### Given entries ###

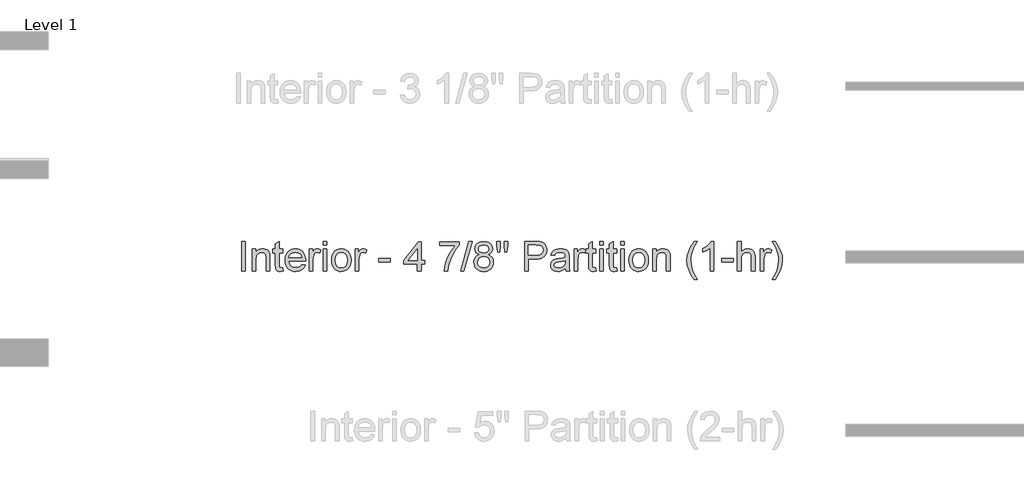
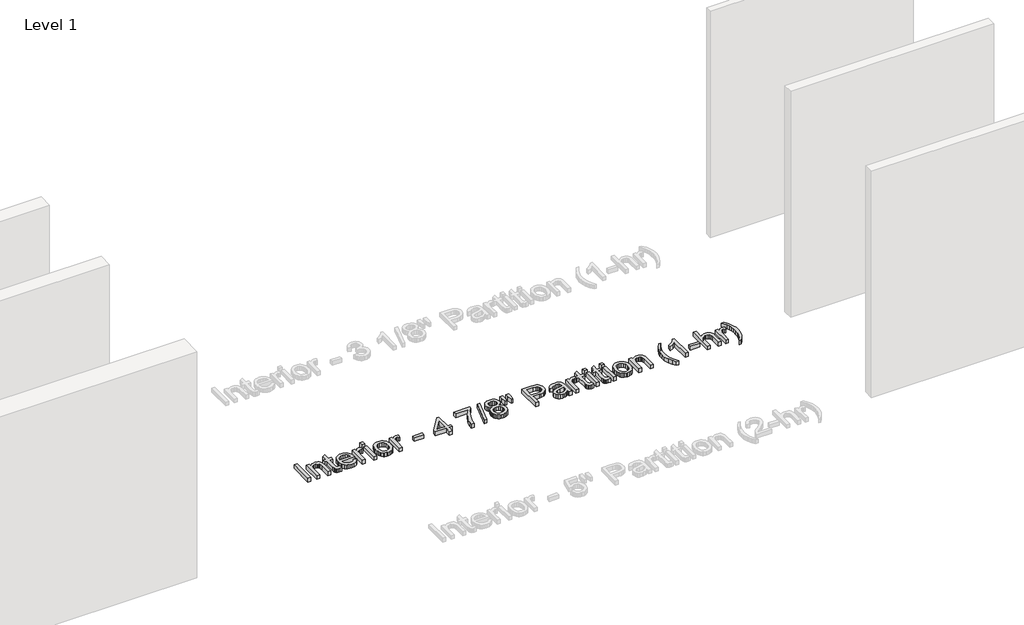
# One storey, part 35 of 42: 1 proxy.
"""IFC4 building model written with IfcOpenShell, lengths in millimetres."""

from ifc_helpers import new_model, si_unit, origin, origin_with_axes, place, context, project, spatial, polyline, outline, extrude, element, save

model = new_model("IFC4")

# Units and contexts
model_context = context("Model", 3, world=origin())
ifc_project = project(units=[si_unit("LENGTHUNIT", "METRE", prefix="MILLI")], contexts=[model_context])

# Site, building, storey
site = spatial("IfcSite", under=ifc_project)
building = spatial("IfcBuilding", under=site)
storey = spatial("IfcBuildingStorey", under=building, Name="Level 1", Elevation=0.0)

# Proxy
placement = place(None, origin())
element("IfcBuildingElementProxy", 1, Name="8\" Arial", ObjectType="8\" Arial", at=placement, inside=storey, context=model_context, shape_type="SweptSolid", body=[
    extrude(outline(polyline([(5292.0577476, 13738.6052202), (5292.0577476, 14043.1723143), (5330.1286344, 14043.1723143), (5330.1286344, 13738.6052202), (5292.0577476, 13738.6052202)])), origin_with_axes(), (0.0, 0.0, 1.0), 50.8),
    extrude(outline(polyline([(5401.511547, 13738.6052202), (5401.511547, 13962.2716799), (5439.5824338, 13962.2716799), (5439.5824338, 13931.0416556), (5452.8087209, 13946.7867928), (5468.6932779, 13958.0333195), (5487.2361048, 13964.7812354), (5508.4372016, 13967.0305407), (5527.2031002, 13965.218084), (5544.3889082, 13959.7807137), (5558.7212586, 13951.3969393), (5568.9267844, 13940.7452703), (5580.3406147, 13912.7497842), (5582.3482591, 13875.9429699), (5582.3482591, 13738.6052202), (5544.2773724, 13738.6052202), (5544.2773724, 13870.812323), (5539.8902975, 13904.4961349), (5533.820891, 13914.5250624), (5524.3868212, 13922.3046845), (5512.2944814, 13927.2959116), (5498.2502651, 13928.959654), (5475.9523996, 13925.2232046), (5456.9448402, 13914.0138566), (5449.3487874, 13904.8632736), (5443.9230354, 13892.3573219), (5439.5824338, 13857.2793125), (5439.5824338, 13738.6052202), (5401.511547, 13738.6052202)])), origin_with_axes(), (0.0, 0.0, 1.0), 50.8),
    extrude(outline(polyline([(5715.5963628, 13770.3557449), (5720.3552236, 13737.4898622), (5691.8764158, 13733.8463593), (5673.6031337, 13735.4264499), (5659.9771767, 13740.1667214), (5650.3479192, 13747.4723164), (5644.0647357, 13756.7483772), (5640.6071259, 13772.6794074), (5639.4545893, 13799.9499108), (5639.4545893, 13924.2007931), (5610.9014242, 13924.2007931), (5610.9014242, 13962.2716799), (5639.4545893, 13962.2716799), (5639.4545893, 14016.6267936), (5677.525476, 14039.008311), (5677.525476, 13962.2716799), (5715.5963628, 13962.2716799), (5715.5963628, 13924.2007931), (5677.525476, 13924.2007931), (5677.525476, 13801.0652688), (5679.5331204, 13781.4349678), (5686.0393755, 13774.4825695), (5699.014707, 13771.9172461), (5715.5963628, 13770.3557449)])), origin_with_axes(), (0.0, 0.0, 1.0), 50.8),
    extrude(outline(polyline([(5910.2635142, 13805.229272), (5947.590829, 13800.4704112), (5934.1414703, 13772.3448), (5912.6801232, 13751.3203015), (5883.6901096, 13738.2148449), (5847.6547512, 13733.8463593), (5824.032398, 13735.7308496), (5802.9846629, 13741.3843206), (5784.5115459, 13750.8067721), (5768.6130469, 13763.9982042), (5755.8282557, 13780.5914783), (5746.696262, 13800.2194556), (5741.2170658, 13822.8821362), (5739.390667, 13848.57952), (5741.2356551, 13875.1482773), (5746.7706192, 13898.5661482), (5755.9955594, 13918.8331327), (5768.9104757, 13935.9492308), (5784.7671487, 13949.5473039), (5802.8173592, 13959.2602133), (5823.0611071, 13965.0879589), (5845.4983924, 13967.0305407), (5867.2130187, 13965.0926062), (5886.8502907, 13959.2788026), (5904.4102083, 13949.5891298), (5919.8927717, 13936.023588), (5932.5311722, 13918.9446685), (5941.5586011, 13898.7148626), (5946.9750584, 13875.3341703), (5948.7805442, 13848.8025916), (5948.5574726, 13838.5412979), (5777.4615538, 13838.5412979), (5784.0514607, 13810.0439008), (5799.3597494, 13789.0937595), (5821.4531326, 13776.2113744), (5848.3983232, 13771.9172461), (5868.6606604, 13773.9063012), (5885.725638, 13779.8734666), (5899.5932559, 13790.1905282), (5910.2635142, 13805.229272)]), holes=[polyline([(5777.4615538, 13876.6121847), (5910.7096574, 13876.6121847), (5905.5604213, 13896.7258075), (5895.4664313, 13911.1139258), (5873.2708069, 13924.4982219), (5845.349678, 13928.959654), (5819.6871491, 13925.399803), (5798.467463, 13914.72025), (5783.7168533, 13898.0735317), (5777.4615538, 13876.6121847)])]), origin_with_axes(), (0.0, 0.0, 1.0), 50.8),
    extrude(outline(polyline([(5986.8514309, 13738.6052202), (5986.8514309, 13962.2716799), (6020.1634569, 13962.2716799), (6020.1634569, 13929.1827256), (6032.4695736, 13948.3668834), (6043.8090467, 13959.6691779), (6055.1856984, 13965.1902), (6067.6033509, 13967.0305407), (6086.5644371, 13964.0934313), (6105.8229521, 13955.282103), (6093.1078707, 13921.1521479), (6079.7235746, 13927.0077775), (6066.3392785, 13928.959654), (6054.9719214, 13927.0821347), (6044.8128689, 13921.4495767), (6036.6056929, 13912.489534), (6031.0939654, 13900.6295605), (6026.4652296, 13879.3634011), (6024.9223177, 13856.1639545), (6024.9223177, 13738.6052202), (5986.8514309, 13738.6052202)])), origin_with_axes(), (0.0, 0.0, 1.0), 50.8),
    extrude(outline(polyline([(6129.6172563, 14005.1014275), (6129.6172563, 14043.1723143), (6167.688143, 14043.1723143), (6167.688143, 14005.1014275), (6129.6172563, 14005.1014275)])), origin_with_axes(), (0.0, 0.0, 1.0), 50.8),
    extrude(outline(polyline([(6129.6172563, 13738.6052202), (6129.6172563, 13962.2716799), (6167.688143, 13962.2716799), (6167.688143, 13738.6052202), (6129.6172563, 13738.6052202)])), origin_with_axes(), (0.0, 0.0, 1.0), 50.8),
    extrude(outline(polyline([(6215.2767515, 13850.43845), (6217.3355165, 13879.405227), (6223.5118115, 13904.3660098), (6233.8056364, 13925.3207985), (6248.2169914, 13942.2695929), (6262.7259402, 13953.1025076), (6278.7406223, 13960.8403038), (6296.2610377, 13965.4829815), (6315.2871864, 13967.0305407), (6336.290772, 13965.1460504), (6355.2820658, 13959.4925795), (6372.2610678, 13950.070128), (6387.2277781, 13936.8786959), (6399.443272, 13920.3644263), (6408.1686248, 13900.9734626), (6413.4038364, 13878.7058046), (6415.148907, 13853.5614525), (6412.0630831, 13815.1001904), (6402.8056117, 13785.8220426), (6387.6460374, 13763.8959631), (6366.8539051, 13747.4909057), (6342.1580198, 13737.2574959), (6315.2871864, 13733.8463593), (6293.9768774, 13735.7238787), (6274.8089853, 13741.3564366), (6257.78351, 13750.7440332), (6242.9004516, 13763.8866684), (6230.8150828, 13780.5612707), (6222.1826765, 13800.5447684), (6217.0032327, 13823.8371615), (6215.2767515, 13850.43845)]), holes=[polyline([(6253.3476383, 13850.5128072), (6257.7533024, 13816.0575394), (6270.9702948, 13791.5103685), (6290.860846, 13776.8155267), (6315.2871864, 13771.9172461), (6339.6019911, 13776.8434106), (6359.4553637, 13791.6219043), (6372.6723561, 13816.4943879), (6377.0780202, 13851.7025224), (6372.6444721, 13885.1539681), (6359.3438279, 13909.3665316), (6339.4625713, 13924.0613734), (6315.2871864, 13928.959654), (6290.860846, 13924.0799627), (6270.9702948, 13909.4408888), (6257.7533024, 13884.9494858), (6253.3476383, 13850.5128072)])]), origin_with_axes(), (0.0, 0.0, 1.0), 50.8),
    extrude(outline(polyline([(6457.9786546, 13738.6052202), (6457.9786546, 13962.2716799), (6491.2906805, 13962.2716799), (6491.2906805, 13929.1827256), (6503.5967972, 13948.3668834), (6514.9362703, 13959.6691779), (6526.312922, 13965.1902), (6538.7305745, 13967.0305407), (6557.6916607, 13964.0934313), (6576.9501757, 13955.282103), (6564.2350944, 13921.1521479), (6550.8507983, 13927.0077775), (6537.4665021, 13928.959654), (6526.0991451, 13927.0821347), (6515.9400925, 13921.4495767), (6507.7329165, 13912.489534), (6502.221189, 13900.6295605), (6497.5924533, 13879.3634011), (6496.0495413, 13856.1639545), (6496.0495413, 13738.6052202), (6457.9786546, 13738.6052202)])), origin_with_axes(), (0.0, 0.0, 1.0), 50.8),
    extrude(outline(polyline([(6700.6805577, 13829.0235762), (6700.6805577, 13867.094463), (6819.6520788, 13867.094463), (6819.6520788, 13829.0235762), (6700.6805577, 13829.0235762)])), origin_with_axes(), (0.0, 0.0, 1.0), 50.8),
    extrude(outline(polyline([(7095.6660078, 13738.6052202), (7095.6660078, 13809.9881329), (6957.6590433, 13809.9881329), (6957.6590433, 13848.0590196), (7105.1837295, 14038.4134534), (7133.7368945, 14038.4134534), (7133.7368945, 13848.0590196), (7171.8077813, 13848.0590196), (7171.8077813, 13809.9881329), (7133.7368945, 13809.9881329), (7133.7368945, 13738.6052202), (7095.6660078, 13738.6052202)]), holes=[polyline([(7095.6660078, 13848.0590196), (7095.6660078, 13965.6921111), (7004.5040797, 13848.0590196), (7095.6660078, 13848.0590196)])]), origin_with_axes(), (0.0, 0.0, 1.0), 50.8),
    extrude(outline(polyline([(7324.0913283, 14000.3425666), (7324.0913283, 14038.4134534), (7523.9634838, 14038.4134534), (7523.9634838, 14007.6295723), (7495.4753813, 13971.5756246), (7467.2661183, 13925.7251157), (7442.38434, 13874.2606382), (7423.8786917, 13821.3647846), (7414.8071132, 13781.7881645), (7409.7508235, 13738.6052202), (7371.6799368, 13738.6052202), (7375.7974668, 13777.8472329), (7386.8116271, 13824.487787), (7404.424989, 13873.9260308), (7428.3401237, 13921.5611125), (7456.2612526, 13964.6232264), (7485.8925971, 14000.3425666), (7324.0913283, 14000.3425666)])), origin_with_axes(), (0.0, 0.0, 1.0), 50.8),
    extrude(outline(polyline([(7538.2400664, 13738.6052202), (7623.8995616, 14043.1723143), (7658.2525883, 14043.1723143), (7572.5930931, 13738.6052202), (7538.2400664, 13738.6052202)])), origin_with_axes(), (0.0, 0.0, 1.0), 50.8),
    extrude(outline(polyline([(7731.7175026, 13906.355065), (7711.3343349, 13916.3932871), (7697.0298684, 13930.0006548), (7688.5810315, 13946.8983286), (7685.7647525, 13966.8074691), (7687.2983698, 13982.3341821), (7691.8992216, 13996.5689387), (7699.5673079, 14009.511739), (7710.3026288, 14021.1625828), (7723.5893311, 14030.7918403), (7738.9115617, 14037.6698814), (7775.6626082, 14043.1723143), (7812.6367262, 14037.5397563), (7828.1262606, 14030.4990589), (7841.6174452, 14020.6420824), (7852.5479537, 14008.7635196), (7860.3554598, 13995.658063), (7865.0399634, 13981.3257126), (7866.6014646, 13965.7664683), (7863.8223643, 13946.4986587), (7855.4850631, 13929.889119), (7841.4966148, 13916.3654031), (7821.7640726, 13906.355065), (7845.1958855, 13894.2813145), (7862.2515684, 13876.5006489), (7872.6522819, 13853.8681759), (7876.1191863, 13827.2390034), (7874.3996761, 13808.2500333), (7869.2411453, 13790.8411537), (7860.6435939, 13775.0123646), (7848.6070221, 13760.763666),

###

What lines in the entries above hold "Name"? Copy every one.

storey = spatial("IfcBuildingStorey", under=building, Name="Level 1", Elevation=0.0)
element("IfcBuildingElementProxy", 1, Name="8\" Arial", ObjectType="8\" Arial", at=placement, inside=storey, context=model_context, shape_type="SweptSolid", body=[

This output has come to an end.